Link to class: https://www.coursera.org/learn/neural-networks/lecture/gcNo6/the-backpropagation-algorithm-12-min

  • $\begingroup$ It's the chain rule for partial derivatives. Essentially, the derivative in the direction of a given vector is the sum of the derivatives of the components of the vector, weighted appropriately. $\endgroup$
    – ConMan
    Jan 30, 2017 at 3:05
  • $\begingroup$ Hi ConMan. Thanks for your comment. I understand the chain rule. Can you explain the steps in between ? The chain rule only allows you to "slide in" one zj. Why the sum over j ? $\endgroup$
    – Guillaume
    Jan 30, 2017 at 3:09
  • $\begingroup$ It's a specific version of the chain rule for functions of multiple variables (or equivalently, for functions of vectors). The following link from Khan Academy shows a demonstration (although it looks at the total derivative of the main function, and it's only applied to a 2-variable case): khanacademy.org/math/multivariable-calculus/… $\endgroup$
    – ConMan
    Jan 30, 2017 at 3:13
  • 1
    $\begingroup$ @ConMan It is called the total derivative : if $g(t) = f(x(t),y(t))$ then $\frac{\partial g}{\partial t} = \frac{\partial f}{\partial x}\frac{\partial x}{\partial t}+\frac{\partial f}{\partial y}\frac{\partial y}{\partial t}$ $\endgroup$
    – reuns
    Jan 30, 2017 at 3:28
  • 1
    $\begingroup$ @GuillaumeG - I suggest you read up on the Jacobian matrix and the chain rule in higher dimensions.
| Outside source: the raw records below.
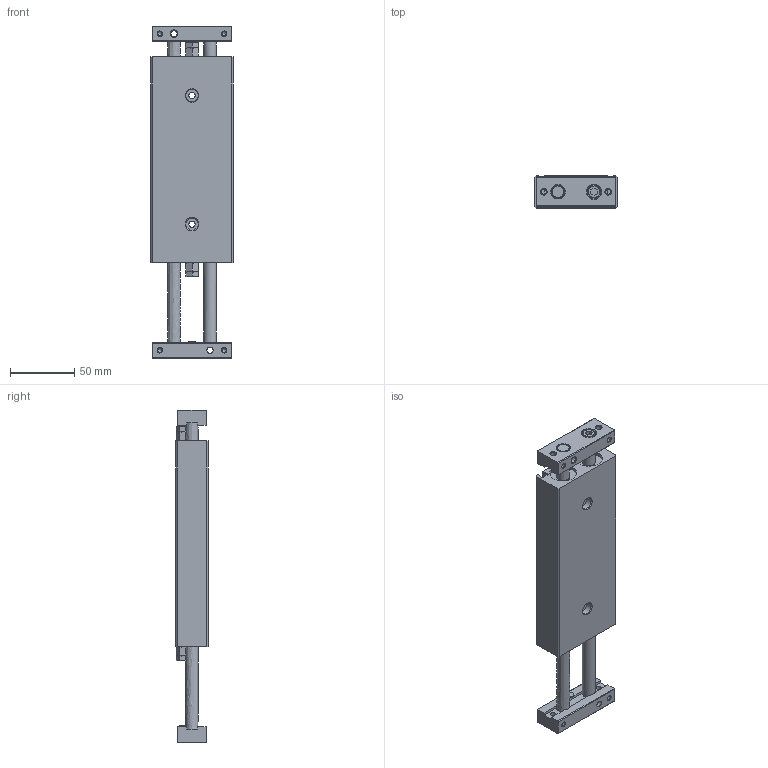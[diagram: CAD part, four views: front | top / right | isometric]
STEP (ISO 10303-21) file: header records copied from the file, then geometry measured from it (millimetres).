
FILE_DESCRIPTION((''),'2;1');
FILE_NAME('I:\3D電子目錄\氣缸\STX\STX\STX20\STX20x50.stp','2007-10-02T08:32:05',('Administrator'),(''),'Autodesk Inventor 11','Autodesk Inventor 11','');
FILE_SCHEMA(('AUTOMOTIVE_DESIGN { 1 0 10303 214 1 1 1 1 }'));
Length unit declared in the file: millimetre
Products named in the file (1): STX20
Bounding box: 64 x 25 x 258 mm (x, y, z)
Volume: 282732.6 mm3; surface area: 56409 mm2
Topology: 1 solids, 1 shells, 277 faces, 685 edges, 425 vertices
Faces by surface type: plane 133, cone 75, bspline 42, cylinder 23, torus 4
Full cylindrical faces by diameter (mm): 3.242 x4, 6 x2, 9.5 x2, 10 x6, 10.2 x2, 11 x1, 11.2 x1, 21 x2, 22.2 x2
Entity records: 7915 total; most frequent: CARTESIAN_POINT 2261, DIRECTION 1108, ORIENTED_EDGE 1106, EDGE_CURVE 553, AXIS2_PLACEMENT_3D 424, EDGE_LOOP 408, VERTEX_POINT 381, FACE_OUTER_BOUND 276
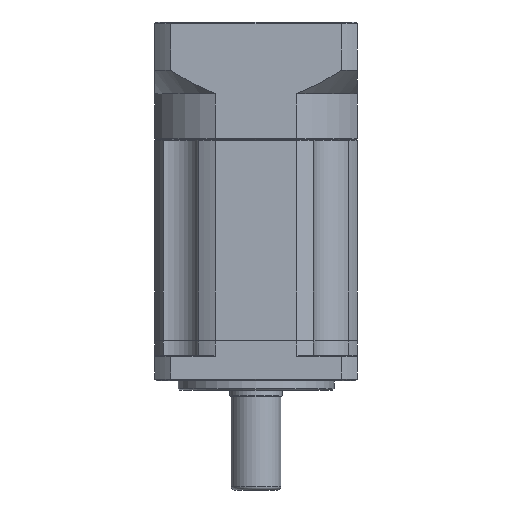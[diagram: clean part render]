
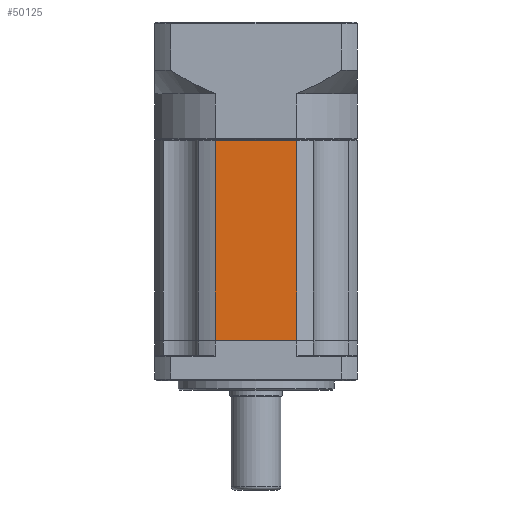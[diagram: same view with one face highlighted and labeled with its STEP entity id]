
A CAD part, front view. The second image highlights one B-rep face of the part: STEP entity #50125.
In plain terms, the highlighted planar face has unit normal (0, -1, 0).
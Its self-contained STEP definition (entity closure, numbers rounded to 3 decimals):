
#2612 = VERTEX_POINT ( 'NONE', #56658 ) ;
#8312 = VERTEX_POINT ( 'NONE', #55746 ) ;
#10462 = EDGE_CURVE ( 'NONE', #2612, #80470, #36589, .T. ) ;
#13796 = FACE_OUTER_BOUND ( 'NONE', #104385, .T. ) ;
#19015 = DIRECTION ( 'NONE',  ( 1., 0., 0. ) ) ;
#19039 = LINE ( 'NONE', #37126, #82209 ) ;
#20567 = CARTESIAN_POINT ( 'NONE',  ( 33.2, -33.003, 46.103 ) ) ;
#23221 = AXIS2_PLACEMENT_3D ( 'NONE', #20567, #78238, #29036 ) ;
#28089 = CARTESIAN_POINT ( 'NONE',  ( 7.22, -33.003, 46.103 ) ) ;
#28682 = DIRECTION ( 'NONE',  ( 0., 0., -1. ) ) ;
#29036 = DIRECTION ( 'NONE',  ( 0., 0., 1. ) ) ;
#32215 = EDGE_CURVE ( 'NONE', #8312, #80470, #19039, .T. ) ;
#33523 = VECTOR ( 'NONE', #92145, 1000. ) ;
#34926 = EDGE_CURVE ( 'NONE', #37704, #8312, #69752, .T. ) ;
#35717 = EDGE_CURVE ( 'NONE', #2612, #37704, #96241, .T. ) ;
#36078 = VECTOR ( 'NONE', #59529, 1000. ) ;
#36589 = LINE ( 'NONE', #58245, #36078 ) ;
#37126 = CARTESIAN_POINT ( 'NONE',  ( 33.2, -33.003, -18.197 ) ) ;
#37704 = VERTEX_POINT ( 'NONE', #79394 ) ;
#39892 = ORIENTED_EDGE ( 'NONE', *, *, #32215, .T. ) ;
#44155 = ORIENTED_EDGE ( 'NONE', *, *, #10462, .F. ) ;
#45067 = ORIENTED_EDGE ( 'NONE', *, *, #35717, .T. ) ;
#48471 = ORIENTED_EDGE ( 'NONE', *, *, #34926, .T. ) ;
#50125 = ADVANCED_FACE ( 'NONE', ( #13796 ), #94223, .F. ) ;
#55746 = CARTESIAN_POINT ( 'NONE',  ( 7.22, -33.003, -18.197 ) ) ;
#56658 = CARTESIAN_POINT ( 'NONE',  ( 33.2, -33.003, 45.903 ) ) ;
#58245 = CARTESIAN_POINT ( 'NONE',  ( 33.2, -33.003, 46.103 ) ) ;
#59529 = DIRECTION ( 'NONE',  ( 0., 0., -1. ) ) ;
#69286 = CARTESIAN_POINT ( 'NONE',  ( 33.2, -33.003, -18.197 ) ) ;
#69752 = LINE ( 'NONE', #28089, #88883 ) ;
#78238 = DIRECTION ( 'NONE',  ( 0., 1., 0. ) ) ;
#79394 = CARTESIAN_POINT ( 'NONE',  ( 7.22, -33.003, 45.903 ) ) ;
#80470 = VERTEX_POINT ( 'NONE', #69286 ) ;
#82209 = VECTOR ( 'NONE', #19015, 1000. ) ;
#88883 = VECTOR ( 'NONE', #28682, 1000. ) ;
#90872 = CARTESIAN_POINT ( 'NONE',  ( 7.22, -33.003, 45.903 ) ) ;
#92145 = DIRECTION ( 'NONE',  ( -1., 0., 0. ) ) ;
#94223 = PLANE ( 'NONE',  #23221 ) ;
#96241 = LINE ( 'NONE', #90872, #33523 ) ;
#104385 = EDGE_LOOP ( 'NONE', ( #44155, #45067, #48471, #39892 ) ) ;
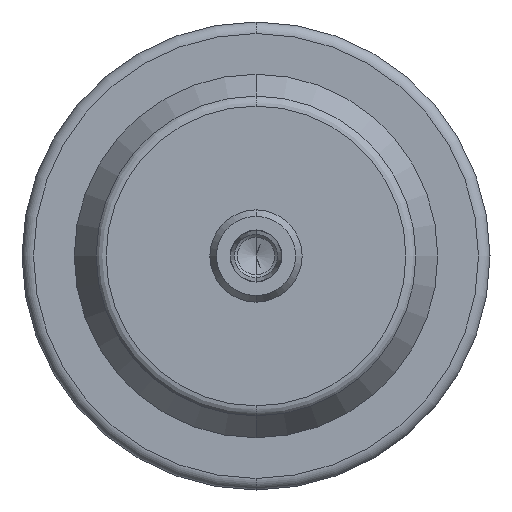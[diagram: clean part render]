
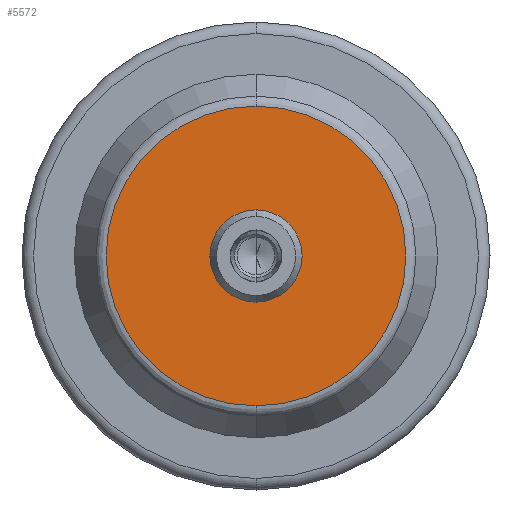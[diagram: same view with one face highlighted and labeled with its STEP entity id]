
A CAD part, front view. The second image highlights one B-rep face of the part: STEP entity #5572.
In plain terms, the highlighted planar face has unit normal (0, -1, 0).
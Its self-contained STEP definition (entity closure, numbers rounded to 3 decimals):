
#849 = CARTESIAN_POINT ( 'NONE',  ( 0., 0., 0. ) ) ;
#851 = CIRCLE ( 'NONE', #4395, 7.75 ) ;
#885 = VERTEX_POINT ( 'NONE', #6065 ) ;
#1404 = AXIS2_PLACEMENT_3D ( 'NONE', #849, #8937, #7345 ) ;
#1430 = CARTESIAN_POINT ( 'NONE',  ( 0., 0., -25.969 ) ) ;
#1553 = EDGE_CURVE ( 'NONE', #885, #8685, #9937, .T. ) ;
#1854 = CIRCLE ( 'NONE', #1404, 7.75 ) ;
#1949 = ORIENTED_EDGE ( 'NONE', *, *, #5186, .F. ) ;
#2146 = CARTESIAN_POINT ( 'NONE',  ( 0., 0., -7.75 ) ) ;
#2209 = AXIS2_PLACEMENT_3D ( 'NONE', #10256, #2310, #7890 ) ;
#2310 = DIRECTION ( 'NONE',  ( 0., 1., 0. ) ) ;
#2921 = ORIENTED_EDGE ( 'NONE', *, *, #3869, .T. ) ;
#3684 = EDGE_CURVE ( 'NONE', #9666, #5796, #851, .T. ) ;
#3869 = EDGE_CURVE ( 'NONE', #5796, #9666, #1854, .T. ) ;
#4338 = FACE_BOUND ( 'NONE', #9248, .T. ) ;
#4395 = AXIS2_PLACEMENT_3D ( 'NONE', #4619, #10158, #7031 ) ;
#4503 = DIRECTION ( 'NONE',  ( 0., 1., 0. ) ) ;
#4619 = CARTESIAN_POINT ( 'NONE',  ( 0., 0., 0. ) ) ;
#5154 = CARTESIAN_POINT ( 'NONE',  ( 0., 0., 7.75 ) ) ;
#5186 = EDGE_CURVE ( 'NONE', #8685, #885, #6580, .T. ) ;
#5249 = AXIS2_PLACEMENT_3D ( 'NONE', #6820, #4503, #6007 ) ;
#5548 = PLANE ( 'NONE',  #8561 ) ;
#5572 = ADVANCED_FACE ( 'NONE', ( #4338, #9197 ), #5548, .T. ) ;
#5654 = ORIENTED_EDGE ( 'NONE', *, *, #1553, .F. ) ;
#5796 = VERTEX_POINT ( 'NONE', #5154 ) ;
#6007 = DIRECTION ( 'NONE',  ( 0., 0., 1. ) ) ;
#6065 = CARTESIAN_POINT ( 'NONE',  ( 0., 0., 25.969 ) ) ;
#6580 = CIRCLE ( 'NONE', #2209, 25.969 ) ;
#6820 = CARTESIAN_POINT ( 'NONE',  ( 0., 0., 0. ) ) ;
#7031 = DIRECTION ( 'NONE',  ( 0., 0., 1. ) ) ;
#7119 = CARTESIAN_POINT ( 'NONE',  ( 0., 0., 0. ) ) ;
#7345 = DIRECTION ( 'NONE',  ( 0., 0., 1. ) ) ;
#7890 = DIRECTION ( 'NONE',  ( 0., 0., 1. ) ) ;
#7913 = DIRECTION ( 'NONE',  ( 0., 0., -1. ) ) ;
#7935 = EDGE_LOOP ( 'NONE', ( #5654, #1949 ) ) ;
#8561 = AXIS2_PLACEMENT_3D ( 'NONE', #7119, #9530, #7913 ) ;
#8685 = VERTEX_POINT ( 'NONE', #1430 ) ;
#8937 = DIRECTION ( 'NONE',  ( 0., 1., 0. ) ) ;
#9197 = FACE_OUTER_BOUND ( 'NONE', #7935, .T. ) ;
#9242 = ORIENTED_EDGE ( 'NONE', *, *, #3684, .T. ) ;
#9248 = EDGE_LOOP ( 'NONE', ( #2921, #9242 ) ) ;
#9530 = DIRECTION ( 'NONE',  ( 0., -1., 0. ) ) ;
#9666 = VERTEX_POINT ( 'NONE', #2146 ) ;
#9937 = CIRCLE ( 'NONE', #5249, 25.969 ) ;
#10158 = DIRECTION ( 'NONE',  ( 0., 1., 0. ) ) ;
#10256 = CARTESIAN_POINT ( 'NONE',  ( 0., 0., 0. ) ) ;
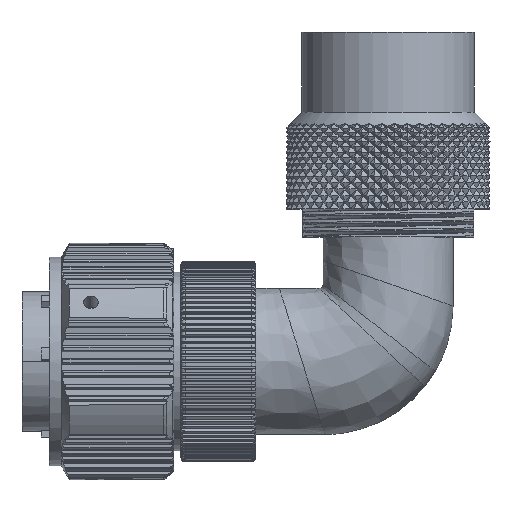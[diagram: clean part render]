
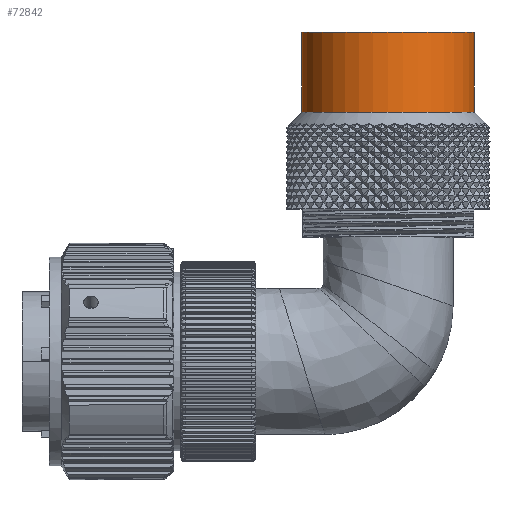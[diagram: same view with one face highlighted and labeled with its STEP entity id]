
A CAD part, top view. The second image highlights one B-rep face of the part: STEP entity #72842.
In plain terms, the highlighted cylindrical face has radius 10.75 mm (diameter 21.5 mm), a partial arc.
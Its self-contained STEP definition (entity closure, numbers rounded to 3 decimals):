
#120=CARTESIAN_POINT('',(0.,12.05,0.));
#121=DIRECTION('',(0.,1.,0.));
#122=DIRECTION('',(-1.,0.,0.));
#123=AXIS2_PLACEMENT_3D('',#120,#121,#122);
#153=DIRECTION('',(0.,1.,0.));
#154=VECTOR('',#153,9.95);
#155=CARTESIAN_POINT('',(10.75,12.05,0.));
#156=LINE('',#155,#154);
#157=DIRECTION('',(0.,-1.,0.));
#158=VECTOR('',#157,9.95);
#159=CARTESIAN_POINT('',(-10.75,22.,0.));
#160=LINE('',#159,#158);
#65894=CARTESIAN_POINT('',(0.,22.,0.));
#65895=DIRECTION('',(0.,-1.,0.));
#65896=DIRECTION('',(1.,0.,0.));
#65897=AXIS2_PLACEMENT_3D('',#65894,#65895,#65896);
#66518=CARTESIAN_POINT('',(10.75,12.05,0.));
#66519=CARTESIAN_POINT('',(-10.75,12.05,0.));
#66520=VERTEX_POINT('',#66518);
#66521=VERTEX_POINT('',#66519);
#66666=CARTESIAN_POINT('',(10.75,22.,0.));
#66667=VERTEX_POINT('',#66666);
#66668=CARTESIAN_POINT('',(-10.75,22.,0.));
#66669=VERTEX_POINT('',#66668);
#72828=CARTESIAN_POINT('',(0.,22.199,0.));
#72829=DIRECTION('',(0.,-1.,0.));
#72830=DIRECTION('',(-1.,0.,0.));
#72831=AXIS2_PLACEMENT_3D('',#72828,#72829,#72830);
#72832=CYLINDRICAL_SURFACE('',#72831,10.75);
#72833=ORIENTED_EDGE('',*,*,#72532,.F.);
#72835=ORIENTED_EDGE('',*,*,#72834,.F.);
#72837=ORIENTED_EDGE('',*,*,#72836,.F.);
#72839=ORIENTED_EDGE('',*,*,#72838,.F.);
#72840=EDGE_LOOP('',(#72833,#72835,#72837,#72839));
#72841=FACE_OUTER_BOUND('',#72840,.F.);
#72842=ADVANCED_FACE('',(#72841),#72832,.T.);
#124=CIRCLE('',#123,10.75);
#65898=CIRCLE('',#65897,10.75);
#72532=EDGE_CURVE('',#66521,#66520,#124,.T.);
#72834=EDGE_CURVE('',#66669,#66521,#160,.T.);
#72836=EDGE_CURVE('',#66667,#66669,#65898,.T.);
#72838=EDGE_CURVE('',#66520,#66667,#156,.T.);

Essentially, the ordinary derivative applies when you've got a single underlying variable that you're differentiating with respect to, and the partial derivatives apply when you're only differentiating with respect to one variable out of many. The Wikipedia article on the chain rule, particularly the section on higher dimensions, explains it a bit better: en.wikipedia.org/wiki/Chain_rule#Higher_dimensions $\endgroup$
    – ConMan
    Jan 30, 2017 at 4:19

1 Answer 1


This follows from the multivariate chain rule. Let's assume that $E$ depends on $z=(z_1,\ldots,z_n)$, but each $z_k$ depends on $y=(y_1,\ldots,y_m)$, i.e. $$ E(z(y))=E(z_1(y),\ldots,z_n(y)). $$ We are interested in how the loss objective $E$ depends on some value in an earlier layer, say the output of the $i$th node, denoted $y_i$, in layer $\xi$, but that output affects $E$ only by its influence on the next layer (i.e., $\xi+1$), whose values we denote $z$. Recall that in a fully connected network, each layer depends on all the values of the previous layer, so each $z_i$ depends on each $y_k$. But we only care about $y_i$ for now, meaning we can ignore the other $y_k$, because we are interested in how perturbing $y_i$ affects $E$, and $y_i$ does not affect $E$ via the other $y_k$.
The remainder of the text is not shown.